Segment Start: Information provided
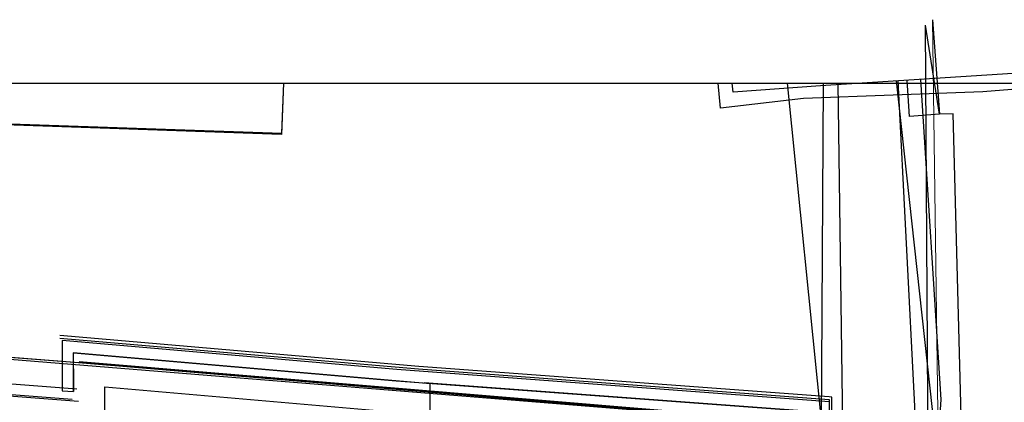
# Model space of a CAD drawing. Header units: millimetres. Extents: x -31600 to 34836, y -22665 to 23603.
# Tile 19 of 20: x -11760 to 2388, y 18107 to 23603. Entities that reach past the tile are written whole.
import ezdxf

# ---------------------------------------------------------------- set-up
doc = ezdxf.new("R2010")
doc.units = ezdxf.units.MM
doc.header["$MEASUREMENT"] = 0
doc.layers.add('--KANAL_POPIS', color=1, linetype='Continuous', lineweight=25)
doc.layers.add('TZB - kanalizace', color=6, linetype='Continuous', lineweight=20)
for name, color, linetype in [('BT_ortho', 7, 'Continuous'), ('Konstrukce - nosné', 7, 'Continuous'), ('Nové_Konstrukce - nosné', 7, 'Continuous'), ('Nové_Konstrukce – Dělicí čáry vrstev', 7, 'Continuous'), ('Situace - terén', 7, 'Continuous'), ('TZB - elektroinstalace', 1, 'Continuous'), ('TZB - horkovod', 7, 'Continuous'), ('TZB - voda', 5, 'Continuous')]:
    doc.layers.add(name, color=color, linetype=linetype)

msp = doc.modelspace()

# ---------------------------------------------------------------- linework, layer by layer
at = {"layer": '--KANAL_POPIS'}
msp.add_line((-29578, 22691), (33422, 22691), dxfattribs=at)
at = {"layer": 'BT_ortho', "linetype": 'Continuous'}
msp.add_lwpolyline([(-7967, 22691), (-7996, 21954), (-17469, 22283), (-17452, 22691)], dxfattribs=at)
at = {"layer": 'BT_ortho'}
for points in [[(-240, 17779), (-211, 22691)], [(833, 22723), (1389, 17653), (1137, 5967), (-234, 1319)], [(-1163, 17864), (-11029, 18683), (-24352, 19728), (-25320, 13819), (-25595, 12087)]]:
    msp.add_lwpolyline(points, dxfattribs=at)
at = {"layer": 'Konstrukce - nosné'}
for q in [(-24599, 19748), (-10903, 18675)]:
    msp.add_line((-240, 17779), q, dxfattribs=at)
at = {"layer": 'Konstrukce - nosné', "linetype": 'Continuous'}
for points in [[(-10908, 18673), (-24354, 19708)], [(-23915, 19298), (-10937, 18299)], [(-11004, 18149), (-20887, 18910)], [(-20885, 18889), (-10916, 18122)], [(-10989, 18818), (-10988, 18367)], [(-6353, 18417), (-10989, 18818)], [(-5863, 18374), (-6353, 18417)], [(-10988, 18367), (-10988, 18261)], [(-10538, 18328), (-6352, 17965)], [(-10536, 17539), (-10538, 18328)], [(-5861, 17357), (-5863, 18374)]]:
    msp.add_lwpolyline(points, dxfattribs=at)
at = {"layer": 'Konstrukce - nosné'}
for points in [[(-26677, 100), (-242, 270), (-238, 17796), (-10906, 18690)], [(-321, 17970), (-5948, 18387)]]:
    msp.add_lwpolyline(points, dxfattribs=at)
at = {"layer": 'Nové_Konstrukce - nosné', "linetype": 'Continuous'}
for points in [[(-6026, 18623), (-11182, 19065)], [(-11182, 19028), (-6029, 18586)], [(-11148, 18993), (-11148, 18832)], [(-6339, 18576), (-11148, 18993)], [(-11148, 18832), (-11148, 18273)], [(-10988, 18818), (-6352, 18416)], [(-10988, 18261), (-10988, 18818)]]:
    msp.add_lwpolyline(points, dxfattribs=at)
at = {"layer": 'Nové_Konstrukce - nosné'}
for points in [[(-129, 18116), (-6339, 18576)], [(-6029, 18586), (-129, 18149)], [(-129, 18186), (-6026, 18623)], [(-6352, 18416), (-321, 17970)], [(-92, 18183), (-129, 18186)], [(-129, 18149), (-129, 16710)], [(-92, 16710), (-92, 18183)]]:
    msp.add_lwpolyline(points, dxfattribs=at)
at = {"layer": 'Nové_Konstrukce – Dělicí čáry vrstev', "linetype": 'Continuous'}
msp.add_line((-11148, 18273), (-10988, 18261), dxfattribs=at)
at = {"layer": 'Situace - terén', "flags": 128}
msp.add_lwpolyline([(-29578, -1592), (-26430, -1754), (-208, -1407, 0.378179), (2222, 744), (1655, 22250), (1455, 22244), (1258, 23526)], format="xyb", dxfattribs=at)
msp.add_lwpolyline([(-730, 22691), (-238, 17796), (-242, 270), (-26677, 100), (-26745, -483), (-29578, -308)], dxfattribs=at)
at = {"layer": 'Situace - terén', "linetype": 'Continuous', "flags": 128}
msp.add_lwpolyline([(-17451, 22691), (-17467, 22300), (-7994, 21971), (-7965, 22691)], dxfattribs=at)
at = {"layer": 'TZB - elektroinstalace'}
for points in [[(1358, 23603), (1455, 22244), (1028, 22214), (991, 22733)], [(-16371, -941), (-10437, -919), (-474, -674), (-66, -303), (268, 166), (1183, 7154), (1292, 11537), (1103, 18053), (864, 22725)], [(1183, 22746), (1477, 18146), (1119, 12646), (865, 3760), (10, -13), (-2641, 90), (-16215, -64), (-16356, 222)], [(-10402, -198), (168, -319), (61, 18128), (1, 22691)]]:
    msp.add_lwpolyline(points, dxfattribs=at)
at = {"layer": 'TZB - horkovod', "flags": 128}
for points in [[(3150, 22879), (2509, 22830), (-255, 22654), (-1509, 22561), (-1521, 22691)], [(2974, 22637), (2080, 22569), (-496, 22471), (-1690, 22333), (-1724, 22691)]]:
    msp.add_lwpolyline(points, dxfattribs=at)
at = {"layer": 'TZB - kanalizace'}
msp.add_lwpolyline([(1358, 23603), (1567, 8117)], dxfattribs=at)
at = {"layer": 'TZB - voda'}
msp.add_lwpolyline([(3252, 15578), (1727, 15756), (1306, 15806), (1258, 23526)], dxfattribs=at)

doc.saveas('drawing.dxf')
Segment End: Information provided
• **What you need to do**
Pick out each line in the material containing "Continuous".

• **Expected output**
doc.layers.add('--KANAL_POPIS', color=1, linetype='Continuous', lineweight=25)
doc.layers.add('TZB - kanalizace', color=6, linetype='Continuous', lineweight=20)
for name, color, linetype in [('BT_ortho', 7, 'Continuous'), ('Konstrukce - nosné', 7, 'Continuous'), ('Nové_Konstrukce - nosné', 7, 'Continuous'), ('Nové_Konstrukce – Dělicí čáry vrstev', 7, 'Continuous'), ('Situace - terén', 7, 'Continuous'), ('TZB - elektroinstalace', 1, 'Continuous'), ('TZB - horkovod', 7, 'Continuous'), ('TZB - voda', 5, 'Continuous')]:
at = {"layer": 'BT_ortho', "linetype": 'Continuous'}
at = {"layer": 'Konstrukce - nosné', "linetype": 'Continuous'}
at = {"layer": 'Nové_Konstrukce - nosné', "linetype": 'Continuous'}
at = {"layer": 'Nové_Konstrukce – Dělicí čáry vrstev', "linetype": 'Continuous'}
at = {"layer": 'Situace - terén', "linetype": 'Continuous', "flags": 128}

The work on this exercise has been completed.